*** Dataset extract Section Begins ***
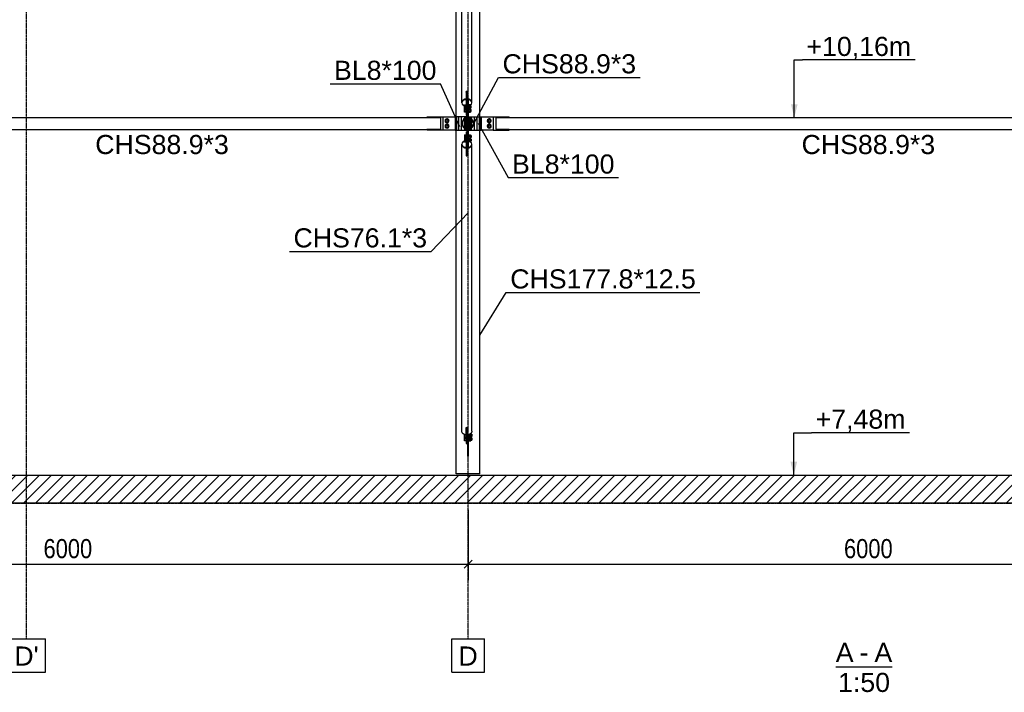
# Model space of a CAD drawing. Header units: millimetres. Extents: x 0 to 142951, y 0 to 27942.
# Tile 56 of 70: x 91952 to 99332, y 222 to 5262. Entities that reach past the tile are written whole.
import ezdxf

# ---------------------------------------------------------------- set-up
doc = ezdxf.new("R2010")
doc.units = ezdxf.units.MM
doc.linetypes.add('DXK_LINE_DOT3', pattern=[5.9187, 2.979, -0.9799, 0.9799, -0.9799])
doc.styles.add('Arial', font='ARIAL.TTF', dxfattribs={"height": 0.2})
doc.styles.add('Arial Narrow', font='ARIALN.TTF', dxfattribs={"height": 0.2})

# ---------------------------------------------------------------- blocks, each defined once
blk = doc.blocks.new('Unknown-13 - 82209')
at = {"color": 5}
blk.add_line((98068.5, 412.5), (98492, 412.5), dxfattribs=at)
at = {"color": 5, "style": 'Arial'}
for s, height, p in [('A', 143.3, (98068.5, 450)), ('A', 143.3, (98358.5, 450)), ('-', 143.3, (98246.9, 450)), ('1:50', 143.26, (98085.5, 225))]:
    blk.add_text(s, height=height, dxfattribs=at).set_placement(p)
blk = doc.blocks.new('Part-82276 - 82209')
at = {"color": 7}
for p, q in [((95410.6, 4434.7), (95410.6, 4534.7)), ((95410.6, 4534.7), (95500.5, 4534.7)), ((95500.5, 4534.7), (95500.5, 4434.7)), ((95500.5, 4434.7), (95410.6, 4434.7))]:
    blk.add_line(p, q, dxfattribs=at)
blk = doc.blocks.new('Part-82212 - 82209')
at = {"color": 7}
for p, q in [((95223.7, 7248.7), (95223.7, 8068.7)), ((95401.5, 7248.7), (95401.5, 8068.7)), ((95223.7, 4534.7), (95223.7, 7140.7)), ((95401.5, 4534.7), (95401.5, 7140.7)), ((95223.7, 1859.7), (95223.7, 4434.7)), ((95401.5, 1859.7), (95401.5, 4434.7)), ((95401.5, 1859.7), (95223.7, 1859.7))]:
    blk.add_line(p, q, dxfattribs=at)
blk = doc.blocks.new('Part-82277 - 82209')
at = {"color": 7}
for p, q in [((95500.5, 4534.7), (95620.5, 4534.7)), ((95620.5, 4528.3), (95620.5, 4534.7)), ((95500.5, 4434.7), (95620.5, 4434.7)), ((95620.5, 4434.7), (95620.5, 4441.2))]:
    blk.add_line(p, q, dxfattribs=at)
blk = doc.blocks.new('Bolt-82278 - 82209')
at = {"color": 7}
for p, q in [((95470.5, 4518.6), (95458.5, 4511.6)), ((95458.5, 4511.6), (95458.5, 4497.8)), ((95482.5, 4511.6), (95470.5, 4518.6)), ((95482.5, 4497.8), (95482.5, 4511.6)), ((95458.5, 4497.8), (95470.5, 4490.9)), ((95470.5, 4478.6), (95458.5, 4471.6)), ((95458.5, 4471.6), (95458.5, 4457.8)), ((95458.5, 4457.8), (95470.5, 4450.9)), ((95470.5, 4490.9), (95482.5, 4497.8)), ((95482.5, 4471.6), (95470.5, 4478.6)), ((95470.5, 4450.9), (95482.5, 4457.8)), ((95482.5, 4457.8), (95482.5, 4471.6))]:
    blk.add_line(p, q, dxfattribs=at)
for centre, radius, start, end in [((95470.5, 4504.7), 15, 120, 300), ((95470.5, 4504.7), 8, 120, 300), ((95470.5, 4504.7), 15, 300, 120), ((95470.5, 4504.7), 8, 300, 120), ((95470.5, 4464.7), 15, 120, 300), ((95470.5, 4464.7), 8, 120, 300), ((95470.5, 4464.7), 15, 300, 120), ((95470.5, 4464.7), 8, 300, 120)]:
    blk.add_arc(centre, radius, start, end, dxfattribs=at)
blk = doc.blocks.new('Part-82280 - 82209')
at = {"color": 7}
for p, q in [((95124.7, 4434.7), (95124.7, 4534.7)), ((95124.7, 4534.7), (95214.6, 4534.7)), ((95214.6, 4534.7), (95214.6, 4434.7)), ((95214.6, 4434.7), (95124.7, 4434.7))]:
    blk.add_line(p, q, dxfattribs=at)
blk = doc.blocks.new('Part-82281 - 82209')
at = {"color": 7}
for p, q in [((95004.7, 4534.7), (95124.7, 4534.7)), ((95004.7, 4528.3), (95004.7, 4534.7)), ((95004.7, 4434.7), (95004.7, 4441.2)), ((95124.7, 4434.7), (95004.7, 4434.7))]:
    blk.add_line(p, q, dxfattribs=at)
blk = doc.blocks.new('Bolt-82282 - 82209')
at = {"color": 7}
for p, q in [((95154.7, 4518.6), (95142.7, 4511.6)), ((95142.7, 4511.6), (95142.7, 4497.8)), ((95166.7, 4511.6), (95154.7, 4518.6)), ((95166.7, 4497.8), (95166.7, 4511.6)), ((95142.7, 4497.8), (95154.7, 4490.9)), ((95154.7, 4478.6), (95142.7, 4471.6)), ((95142.7, 4471.6), (95142.7, 4457.8)), ((95142.7, 4457.8), (95154.7, 4450.9)), ((95154.7, 4490.9), (95166.7, 4497.8)), ((95166.7, 4471.6), (95154.7, 4478.6)), ((95154.7, 4450.9), (95166.7, 4457.8)), ((95166.7, 4457.8), (95166.7, 4471.6))]:
    blk.add_line(p, q, dxfattribs=at)
for centre, radius, start, end in [((95154.7, 4504.7), 15, 120, 300), ((95154.7, 4504.7), 8, 120, 300), ((95154.7, 4504.7), 15, 300, 120), ((95154.7, 4504.7), 8, 300, 120), ((95154.7, 4464.7), 15, 120, 300), ((95154.7, 4464.7), 8, 120, 300), ((95154.7, 4464.7), 15, 300, 120), ((95154.7, 4464.7), 8, 300, 120)]:
    blk.add_arc(centre, radius, start, end, dxfattribs=at)
blk = doc.blocks.new('Part-82239 - 82209')
at = {"color": 7}
for p, q in [((89520.5, 4528.3), (89621.5, 4528.3)), ((89520.5, 4528.3), (89520.5, 4441.2)), ((89621.5, 4529.2), (95003.7, 4529.2)), ((89621.5, 4528.3), (89621.5, 4529.2)), ((95003.7, 4528.3), (95003.7, 4529.2)), ((95003.7, 4528.3), (95104.7, 4528.3)), ((95104.7, 4528.3), (95104.7, 4441.2)), ((89520.5, 4441.2), (89621.5, 4441.2)), ((89621.5, 4440.3), (89621.5, 4441.2)), ((89621.5, 4440.3), (95003.7, 4440.3)), ((95003.7, 4441.2), (95104.7, 4441.2)), ((95003.7, 4440.3), (95003.7, 4441.2))]:
    blk.add_line(p, q, dxfattribs=at)
blk = doc.blocks.new('Part-82253 - 82209')
at = {"color": 7}
for p, q in [((95264.6, 6791.2), (95267.5, 6801.9)), ((95264.6, 4640.4), (95264.6, 6791.2)), ((95267.5, 6801.9), (95275.7, 6811)), ((95275.7, 6811), (95288.1, 6817.1)), ((95288.1, 6817.1), (95297.6, 6818.5)), ((95297.6, 6763.5), (95297.6, 6818.5)), ((95307.6, 6763.5), (95307.6, 6818.5)), ((95307.6, 6818.5), (95317.2, 6817.1)), ((95317.2, 6817.1), (95329.5, 6811)), ((95329.5, 6811), (95337.8, 6801.9)), ((95337.8, 6801.9), (95340.7, 6791.2)), ((95340.7, 4640.4), (95340.7, 6791.2)), ((95297.6, 6763.5), (95302.6, 6764.2)), ((95302.6, 6764.2), (95307.6, 6763.5)), ((95267.5, 4651.1), (95264.6, 4640.4)), ((95275.7, 4660.2), (95267.5, 4651.1)), ((95267.6, 4640.4), (95270.2, 4650.2)), ((95270.2, 4650.2), (95277.8, 4658.6)), ((95288.1, 4666.2), (95275.7, 4660.2)), ((95277.8, 4658.6), (95289.2, 4664.2)), ((95297.6, 4667.6), (95288.1, 4666.2)), ((95289.2, 4664.2), (95297.6, 4665.4)), ((95297.6, 4722.6), (95298.6, 4722.7)), ((95297.6, 4722.6), (95297.6, 4613.2)), ((95297.6, 4720.4), (95298.6, 4720.5)), ((95297.6, 4670.3), (95298.6, 4670.2)), ((95297.6, 4668.1), (95298.6, 4668)), ((95306.6, 4722.7), (95307.6, 4722.6)), ((95306.6, 4720.5), (95307.6, 4720.4)), ((95306.6, 4670.2), (95307.6, 4670.3)), ((95306.6, 4668), (95307.6, 4668.1)), ((95307.6, 4722.6), (95307.6, 4662.1)), ((95317.2, 4666.2), (95307.6, 4667.6)), ((95307.6, 4665.4), (95316, 4664.2)), ((95316, 4664.2), (95327.4, 4658.6)), ((95329.5, 4660.2), (95317.2, 4666.2)), ((95327.4, 4658.6), (95335, 4650.2)), ((95337.8, 4651.1), (95329.5, 4660.2)), ((95335, 4650.2), (95337.7, 4640.4)), ((95340.7, 4640.4), (95337.8, 4651.1)), ((95264.6, 4640.4), (95267.5, 4629.7)), ((95267.5, 4629.7), (95275.7, 4620.6)), ((95270.2, 4630.5), (95267.6, 4640.4)), ((95277.8, 4622.2), (95270.2, 4630.5)), ((95275.7, 4620.6), (95288.1, 4614.6)), ((95289.2, 4616.6), (95277.8, 4622.2)), ((95288.1, 4614.6), (95297.6, 4613.2)), ((95297.6, 4615.4), (95289.2, 4616.6)), ((95316, 4616.6), (95314.6, 4616.4)), ((95314.6, 4614.2), (95317.2, 4614.6)), ((95327.4, 4622.2), (95316, 4616.6)), ((95317.2, 4614.6), (95329.5, 4620.6)), ((95335, 4630.5), (95327.4, 4622.2)), ((95329.5, 4620.6), (95337.8, 4629.7)), ((95337.7, 4640.4), (95335, 4630.5)), ((95337.8, 4629.7), (95340.7, 4640.4))]:
    blk.add_line(p, q, dxfattribs=at)
blk = doc.blocks.new('Part-82254 - 82209')
h = blk.add_hatch(color=6)
h.paths.add_polyline_path([(95355.1, 4484.7), (95351.7, 4501.7), (95342, 4516.1), (95327.6, 4525.8), (95310.6, 4529.2), (95293.6, 4525.8), (95279.2, 4516.1), (95269.6, 4501.7), (95266.2, 4484.7), (95269.6, 4467.7), (95279.2, 4453.3), (95293.6, 4443.6), (95310.6, 4440.3), (95327.6, 4443.6), (95342, 4453.3), (95351.7, 4467.7)])
h.paths.add_polyline_path([(95339.9, 4455.4), (95326.5, 4446.4), (95310.6, 4443.3), (95294.8, 4446.4), (95281.3, 4455.4), (95272.3, 4468.8), (95269.2, 4484.7), (95272.3, 4500.6), (95281.3, 4514), (95294.8, 4523), (95310.6, 4526.2), (95326.5, 4523), (95339.9, 4514), (95348.9, 4500.6), (95352.1, 4484.7), (95348.9, 4468.8)])
for radius, start, end in [(44.4, 22.5, 202.5), (41.5, 337.5, 157.5), (41.5, 157.5, 337.5), (44.5, 202.5, 22.5)]:
    blk.add_arc((95310.6, 4484.7), radius, start, end)
blk = doc.blocks.new('Part-82255 - 82209')
at = {"color": 7}
for p, q in [((95306.6, 4534.7), (95215.1, 4534.7)), ((95215.1, 4534.7), (95215.1, 4434.7)), ((95218.5, 4434.7), (95218.5, 4534.7)), ((95228.2, 4434.7), (95228.2, 4534.7)), ((95243.7, 4434.7), (95243.7, 4534.7)), ((95263.9, 4434.7), (95263.9, 4534.7)), ((95287.4, 4521.6), (95287.4, 4534.7)), ((95287.4, 4451.3), (95287.4, 4518.1)), ((95295.7, 4526.2), (95295.7, 4534.7)), ((95295.7, 4446.2), (95295.7, 4523.2)), ((95302.6, 4534.7), (95302.6, 4527.6)), ((95302.6, 4444.9), (95302.6, 4524.6)), ((95215.1, 4434.7), (95306.6, 4434.7)), ((95287.4, 4434.7), (95287.4, 4447.8)), ((95295.7, 4434.7), (95295.7, 4443.2)), ((95302.6, 4434.7), (95302.6, 4441.9))]:
    blk.add_line(p, q, dxfattribs=at)
blk = doc.blocks.new('Part-82256 - 82209')
at = {"color": 7}
for p, q in [((95314.6, 4534.7), (95410.1, 4534.7)), ((95322.6, 4534.7), (95322.6, 4526.8)), ((95322.6, 4445.6), (95322.6, 4523.8)), ((95329.6, 4524.5), (95329.6, 4534.7)), ((95329.6, 4448.5), (95329.6, 4520.9)), ((95337.8, 4519), (95337.8, 4534.7)), ((95337.8, 4454), (95337.8, 4515.4)), ((95361.4, 4434.7), (95361.4, 4534.7)), ((95381.5, 4434.7), (95381.5, 4534.7)), ((95397, 4434.7), (95397, 4534.7)), ((95406.8, 4434.7), (95406.8, 4534.7)), ((95410.1, 4534.7), (95410.1, 4434.7)), ((95314.6, 4434.7), (95410.1, 4434.7)), ((95322.6, 4434.7), (95322.6, 4442.6)), ((95329.6, 4434.7), (95329.6, 4444.9)), ((95337.8, 4434.7), (95337.8, 4450.5))]:
    blk.add_line(p, q, dxfattribs=at)
blk = doc.blocks.new('Part-82257 - 82209')
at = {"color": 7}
*** Dataset extract Section Ends ***
◆ **Exercise directions**
In the entries above, find lines with "units" and copy each.

◆ **Answer for the task**
# Model space of a CAD drawing. Header units: millimetres. Extents: x 0 to 142951, y 0 to 27942.
doc.units = ezdxf.units.MM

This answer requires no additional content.